Kristensen et al revealed that despite the increased risk of dislocations, the posterior approach results in a favorable quality of life. Nevertheless, this should be specified for mentally competent patients who can comprehend their movement restrictions. ¹⁷ The risk of dislocation is particularly high with the posterior approach, particularly in patients with dementia. ¹⁸ The conventional posterior approach usually involves movement restrictions and external fixation. However, postoperative movement restrictions are challenging to understand, especially in patients with severe dementia. In this report, the incidence of dementia was 59.1%, which was higher than that in other reports. However, there were no cases of dislocation even without postoperative movement restrictions or external fixation.^16,19 In addition, external fixation may be associated with an increased risk of postoperative delirium. ²⁰ External fixation is not required. Thus, the risk of postoperative delirium can be reduced. Rehabilitation can be facilitated, and an early return to daily life can be expected.

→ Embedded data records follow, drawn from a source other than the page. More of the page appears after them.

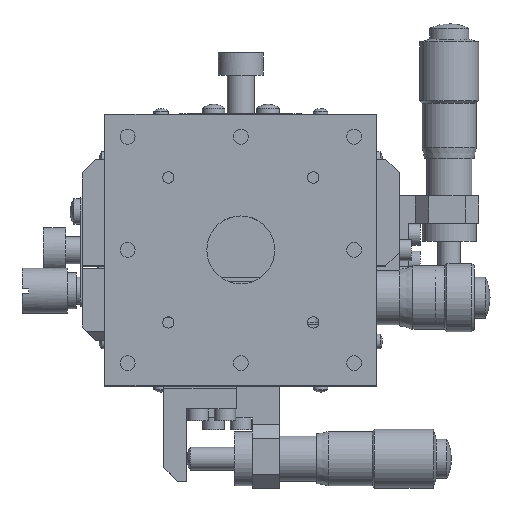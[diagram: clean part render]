
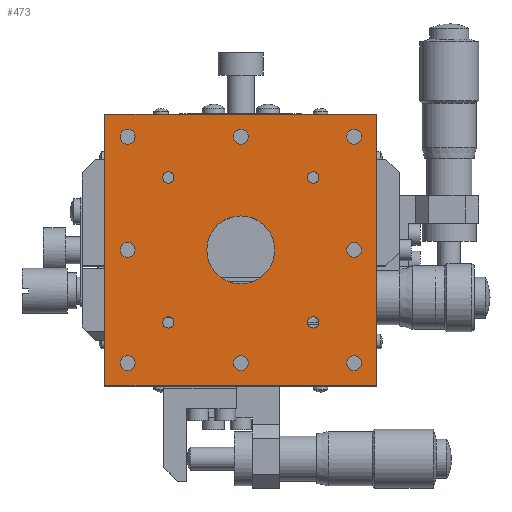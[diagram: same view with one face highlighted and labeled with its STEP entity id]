
A CAD part, top view. The second image highlights one B-rep face of the part: STEP entity #473.
In plain terms, the highlighted planar face has unit normal (0, 0, 1).
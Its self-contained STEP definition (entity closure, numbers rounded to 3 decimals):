
#473 = ADVANCED_FACE( '', ( #973, #974, #975, #976, #977, #978, #979, #980, #981, #982, #983, #984, #985, #986 ), #987, .T. );
#973 = FACE_BOUND( '', #2246, .T. );
#974 = FACE_BOUND( '', #2247, .T. );
#975 = FACE_BOUND( '', #2248, .T. );
#976 = FACE_BOUND( '', #2249, .T. );
#977 = FACE_BOUND( '', #2250, .T. );
#978 = FACE_BOUND( '', #2251, .T. );
#979 = FACE_BOUND( '', #2252, .T. );
#980 = FACE_BOUND( '', #2253, .T. );
#981 = FACE_BOUND( '', #2254, .T. );
#982 = FACE_BOUND( '', #2255, .T. );
#983 = FACE_BOUND( '', #2256, .T. );
#984 = FACE_BOUND( '', #2257, .T. );
#985 = FACE_BOUND( '', #2258, .T. );
#986 = FACE_OUTER_BOUND( '', #2259, .T. );
#987 = PLANE( '', #2260 );
#2246 = EDGE_LOOP( '', ( #3638 ) );
#2247 = EDGE_LOOP( '', ( #3639 ) );
#2248 = EDGE_LOOP( '', ( #3640 ) );
#2249 = EDGE_LOOP( '', ( #3641 ) );
#2250 = EDGE_LOOP( '', ( #3642 ) );
#2251 = EDGE_LOOP( '', ( #3643 ) );
#2252 = EDGE_LOOP( '', ( #3644 ) );
#2253 = EDGE_LOOP( '', ( #3645 ) );
#2254 = EDGE_LOOP( '', ( #3646 ) );
#2255 = EDGE_LOOP( '', ( #3647 ) );
#2256 = EDGE_LOOP( '', ( #3648 ) );
#2257 = EDGE_LOOP( '', ( #3649 ) );
#2258 = EDGE_LOOP( '', ( #3650 ) );
#2259 = EDGE_LOOP( '', ( #3651, #3652, #3653, #3654 ) );
#2260 = AXIS2_PLACEMENT_3D( '', #3655, #3656, #3657 );
#3638 = ORIENTED_EDGE( '', *, *, #6985, .T. );
#3639 = ORIENTED_EDGE( '', *, *, #6986, .T. );
#3640 = ORIENTED_EDGE( '', *, *, #6987, .T. );
#3641 = ORIENTED_EDGE( '', *, *, #6988, .T. );
#3642 = ORIENTED_EDGE( '', *, *, #6989, .T. );
#3643 = ORIENTED_EDGE( '', *, *, #6990, .T. );
#3644 = ORIENTED_EDGE( '', *, *, #6991, .T. );
#3645 = ORIENTED_EDGE( '', *, *, #6992, .T. );
#3646 = ORIENTED_EDGE( '', *, *, #6993, .T. );
#3647 = ORIENTED_EDGE( '', *, *, #6994, .T. );
#3648 = ORIENTED_EDGE( '', *, *, #6995, .T. );
#3649 = ORIENTED_EDGE( '', *, *, #6996, .T. );
#3650 = ORIENTED_EDGE( '', *, *, #6997, .T. );
#3651 = ORIENTED_EDGE( '', *, *, #6998, .F. );
#3652 = ORIENTED_EDGE( '', *, *, #6999, .F. );
#3653 = ORIENTED_EDGE( '', *, *, #7000, .F. );
#3654 = ORIENTED_EDGE( '', *, *, #7001, .F. );
#3655 = CARTESIAN_POINT( '', ( 0., 0., 62. ) );
#3656 = DIRECTION( '', ( 0., 0., 1. ) );
#3657 = DIRECTION( '', ( 1., 0., 0. ) );
#6985 = EDGE_CURVE( '', #8010, #8010, #8011, .T. );
#6986 = EDGE_CURVE( '', #8012, #8012, #8013, .T. );
#6987 = EDGE_CURVE( '', #8014, #8014, #8015, .T. );
#6988 = EDGE_CURVE( '', #8016, #8016, #8017, .T. );
#6989 = EDGE_CURVE( '', #8018, #8018, #8019, .T. );
#6990 = EDGE_CURVE( '', #8020, #8020, #8021, .T. );
#6991 = EDGE_CURVE( '', #8022, #8022, #8023, .T. );
#6992 = EDGE_CURVE( '', #8024, #8024, #8025, .T. );
#6993 = EDGE_CURVE( '', #8026, #8026, #8027, .T. );
#6994 = EDGE_CURVE( '', #8028, #8028, #8029, .T. );
#6995 = EDGE_CURVE( '', #8030, #8030, #8031, .T. );
#6996 = EDGE_CURVE( '', #8032, #8032, #8033, .T. );
#6997 = EDGE_CURVE( '', #8034, #8034, #8035, .T. );
#6998 = EDGE_CURVE( '', #8036, #8037, #8038, .T. );
#6999 = EDGE_CURVE( '', #8039, #8036, #8040, .T. );
#7000 = EDGE_CURVE( '', #8041, #8039, #8042, .T. );
#7001 = EDGE_CURVE( '', #8037, #8041, #8043, .T. );
#8010 = VERTEX_POINT( '', #9761 );
#8011 = CIRCLE( '', #9762, 7.5 );
#8012 = VERTEX_POINT( '', #9763 );
#8013 = CIRCLE( '', #9764, 1.25 );
#8014 = VERTEX_POINT( '', #9765 );
#8015 = CIRCLE( '', #9766, 1.25 );
#8016 = VERTEX_POINT( '', #9767 );
#8017 = CIRCLE( '', #9768, 1.25 );
#8018 = VERTEX_POINT( '', #9769 );
#8019 = CIRCLE( '', #9770, 1.25 );
#8020 = VERTEX_POINT( '', #9771 );
#8021 = CIRCLE( '', #9772, 1.65 );
#8022 = VERTEX_POINT( '', #9773 );
#8023 = CIRCLE( '', #9774, 1.65 );
#8024 = VERTEX_POINT( '', #9775 );
#8025 = CIRCLE( '', #9776, 1.65 );
#8026 = VERTEX_POINT( '', #9777 );
#8027 = CIRCLE( '', #9778, 1.65 );
#8028 = VERTEX_POINT( '', #9779 );
#8029 = CIRCLE( '', #9780, 1.65 );
#8030 = VERTEX_POINT( '', #9781 );
#8031 = CIRCLE( '', #9782, 1.65 );
#8032 = VERTEX_POINT( '', #9783 );
#8033 = CIRCLE( '', #9784, 1.65 );
#8034 = VERTEX_POINT( '', #9785 );
#8035 = CIRCLE( '', #9786, 1.65 );
#8036 = VERTEX_POINT( '', #9787 );
#8037 = VERTEX_POINT( '', #9788 );
#8038 = LINE( '', #9789, #9790 );
#8039 = VERTEX_POINT( '', #9791 );
#8040 = LINE( '', #9792, #9793 );
#8041 = VERTEX_POINT( '', #9794 );
#8042 = LINE( '', #9795, #9796 );
#8043 = LINE( '', #9797, #9798 );
#9761 = CARTESIAN_POINT( '', ( 7.5, 0., 62. ) );
#9762 = AXIS2_PLACEMENT_3D( '', #12334, #12335, #12336 );
#9763 = CARTESIAN_POINT( '', ( 17.25, 16., 62. ) );
#9764 = AXIS2_PLACEMENT_3D( '', #12337, #12338, #12339 );
#9765 = CARTESIAN_POINT( '', ( -14.75, 16., 62. ) );
#9766 = AXIS2_PLACEMENT_3D( '', #12340, #12341, #12342 );
#9767 = CARTESIAN_POINT( '', ( -14.75, -16., 62. ) );
#9768 = AXIS2_PLACEMENT_3D( '', #12343, #12344, #12345 );
#9769 = CARTESIAN_POINT( '', ( 17.25, -16., 62. ) );
#9770 = AXIS2_PLACEMENT_3D( '', #12346, #12347, #12348 );
#9771 = CARTESIAN_POINT( '', ( 1.65, -25., 62. ) );
#9772 = AXIS2_PLACEMENT_3D( '', #12349, #12350, #12351 );
#9773 = CARTESIAN_POINT( '', ( -23.35, -25., 62. ) );
#9774 = AXIS2_PLACEMENT_3D( '', #12352, #12353, #12354 );
#9775 = CARTESIAN_POINT( '', ( -23.35, 0., 62. ) );
#9776 = AXIS2_PLACEMENT_3D( '', #12355, #12356, #12357 );
#9777 = CARTESIAN_POINT( '', ( -23.35, 25., 62. ) );
#9778 = AXIS2_PLACEMENT_3D( '', #12358, #12359, #12360 );
#9779 = CARTESIAN_POINT( '', ( 1.65, 25., 62. ) );
#9780 = AXIS2_PLACEMENT_3D( '', #12361, #12362, #12363 );
#9781 = CARTESIAN_POINT( '', ( 26.65, 25., 62. ) );
#9782 = AXIS2_PLACEMENT_3D( '', #12364, #12365, #12366 );
#9783 = CARTESIAN_POINT( '', ( 26.65, 0., 62. ) );
#9784 = AXIS2_PLACEMENT_3D( '', #12367, #12368, #12369 );
#9785 = CARTESIAN_POINT( '', ( 26.65, -25., 62. ) );
#9786 = AXIS2_PLACEMENT_3D( '', #12370, #12371, #12372 );
#9787 = CARTESIAN_POINT( '', ( 30., -30., 62. ) );
#9788 = CARTESIAN_POINT( '', ( -30., -30., 62. ) );
#9789 = CARTESIAN_POINT( '', ( 0., -30., 62. ) );
#9790 = VECTOR( '', #12373, 1000. );
#9791 = CARTESIAN_POINT( '', ( 30., 30., 62. ) );
#9792 = CARTESIAN_POINT( '', ( 30., 0., 62. ) );
#9793 = VECTOR( '', #12374, 1000. );
#9794 = CARTESIAN_POINT( '', ( -30., 30., 62. ) );
#9795 = CARTESIAN_POINT( '', ( 0., 30., 62. ) );
#9796 = VECTOR( '', #12375, 1000. );
#9797 = CARTESIAN_POINT( '', ( -30., 0., 62. ) );
#9798 = VECTOR( '', #12376, 1000. );
#12334 = CARTESIAN_POINT( '', ( 0., 0., 62. ) );
#12335 = DIRECTION( '', ( 0., 0., -1. ) );
#12336 = DIRECTION( '', ( 1., 0., 0. ) );
#12337 = CARTESIAN_POINT( '', ( 16., 16., 62. ) );
#12338 = DIRECTION( '', ( 0., 0., -1. ) );
#12339 = DIRECTION( '', ( 1., 0., 0. ) );
#12340 = CARTESIAN_POINT( '', ( -16., 16., 62. ) );
#12341 = DIRECTION( '', ( 0., 0., -1. ) );
#12342 = DIRECTION( '', ( 1., 0., 0. ) );
#12343 = CARTESIAN_POINT( '', ( -16., -16., 62. ) );
#12344 = DIRECTION( '', ( 0., 0., -1. ) );
#12345 = DIRECTION( '', ( 1., 0., 0. ) );
#12346 = CARTESIAN_POINT( '', ( 16., -16., 62. ) );
#12347 = DIRECTION( '', ( 0., 0., -1. ) );
#12348 = DIRECTION( '', ( 1., 0., 0. ) );
#12349 = CARTESIAN_POINT( '', ( 0., -25., 62. ) );
#12350 = DIRECTION( '', ( 0., 0., -1. ) );
#12351 = DIRECTION( '', ( 1., 0., 0. ) );
#12352 = CARTESIAN_POINT( '', ( -25., -25., 62. ) );
#12353 = DIRECTION( '', ( 0., 0., -1. ) );
#12354 = DIRECTION( '', ( 1., 0., 0. ) );
#12355 = CARTESIAN_POINT( '', ( -25., 0., 62. ) );
#12356 = DIRECTION( '', ( 0., 0., -1. ) );
#12357 = DIRECTION( '', ( 1., 0., 0. ) );
#12358 = CARTESIAN_POINT( '', ( -25., 25., 62. ) );
#12359 = DIRECTION( '', ( 0., 0., -1. ) );
#12360 = DIRECTION( '', ( 1., 0., 0. ) );
#12361 = CARTESIAN_POINT( '', ( 0., 25., 62. ) );
#12362 = DIRECTION( '', ( 0., 0., -1. ) );
#12363 = DIRECTION( '', ( 1., 0., 0. ) );
#12364 = CARTESIAN_POINT( '', ( 25., 25., 62. ) );
#12365 = DIRECTION( '', ( 0., 0., -1. ) );
#12366 = DIRECTION( '', ( 1., 0., 0. ) );
#12367 = CARTESIAN_POINT( '', ( 25., 0., 62. ) );
#12368 = DIRECTION( '', ( 0., 0., -1. ) );
#12369 = DIRECTION( '', ( 1., 0., 0. ) );
#12370 = CARTESIAN_POINT( '', ( 25., -25., 62. ) );
#12371 = DIRECTION( '', ( 0., 0., -1. ) );
#12372 = DIRECTION( '', ( 1., 0., 0. ) );
#12373 = DIRECTION( '', ( -1., 0., 0. ) );
#12374 = DIRECTION( '', ( 0., -1., 0. ) );
#12375 = DIRECTION( '', ( 1., 0., 0. ) );
#12376 = DIRECTION( '', ( 0., 1., 0. ) );
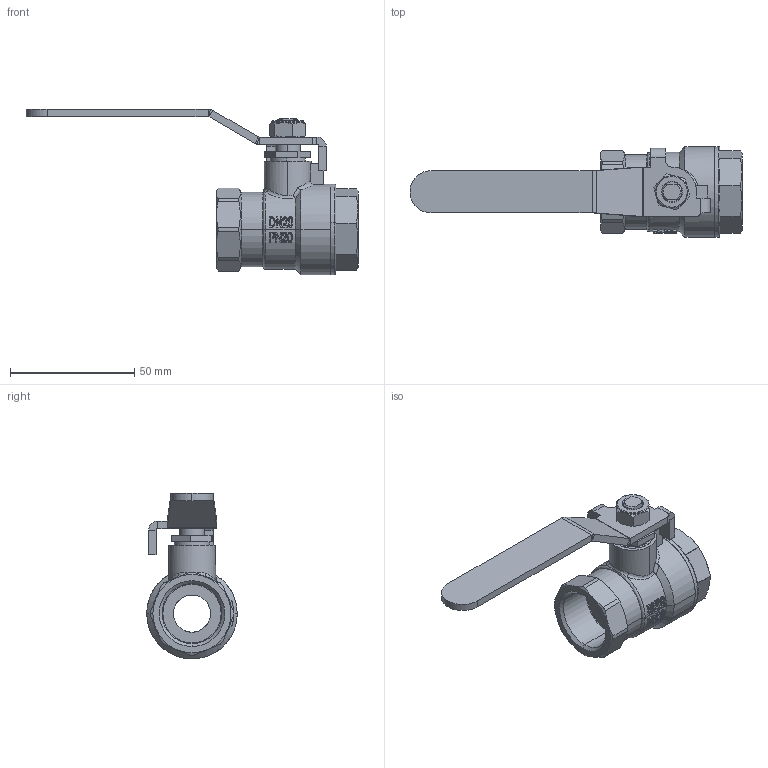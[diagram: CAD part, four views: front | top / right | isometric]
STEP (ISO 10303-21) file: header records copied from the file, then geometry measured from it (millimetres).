
FILE_DESCRIPTION(/* description */ (''),/* implementation_level */ '2;1');
FILE_NAME(/* name */ '0173.stp',/* time_stamp */ '2022-05-12T16:25:00+08:00',/* author */ (''),/* organization */ (''),/* preprocessor_version */ 'ST-DEVELOPER v11',/* originating_system */ 'SIEMENS PLM Software NX 7.5',/* authorisation */ '');
FILE_SCHEMA (('CONFIG_CONTROL_DESIGN'));
Length unit declared in the file: millimetre
Products named in the file (1): 0173
Bounding box: 133.83 x 36.5 x 66.82 mm (x, y, z)
Volume: 32314 mm3; surface area: 25141.3 mm2
Topology: 6 solids, 6 shells, 395 faces, 975 edges, 618 vertices
Faces by surface type: plane 156, cylinder 104, bspline 68, cone 53, torus 12, sphere 2
Entity records: 33640 total; most frequent: CARTESIAN_POINT 24668, ORIENTED_EDGE 1960, DIRECTION 1654, EDGE_CURVE 980, AXIS2_PLACEMENT_3D 644, VERTEX_POINT 626, EDGE_LOOP 436, ADVANCED_FACE 395

Finally, hemiarthroplasty can also be performed for trochanteric fractures and proximal femoral endoprostheses. The procedure has good outcomes in trochanteric fractures. However, dislocation rates are high among patients undergoing proximal femoral endoprostheses.^23,24 Therefore, surgery can be performed using the same technique in these cases. However, the evaluation of these cases will be a challenge in the future.

This study had several limitations. First, it only used one type of implant.

If the bipolar cup is not hemispherical and is larger than a hemisphere, it is challenging to insert into the joint capsule. However, in this case, the size of the bipolar cup can be reduced to 1 or 2 mm. Second, based on whether there is a teaching assistant or not, the surgical time and volume of blood loss may be affected. However, results showed that the surgical time decreased as the number of surgeries increased. Third, it is not a controlled trial. Hence, whether this technique has a significantly lower dislocation rate remains unclear.

Conclusion

The trainee surgeons presented with an LC for the surgical duration in 10 cases. Moreover, the volume of blood loss did not significantly increase during the LC period.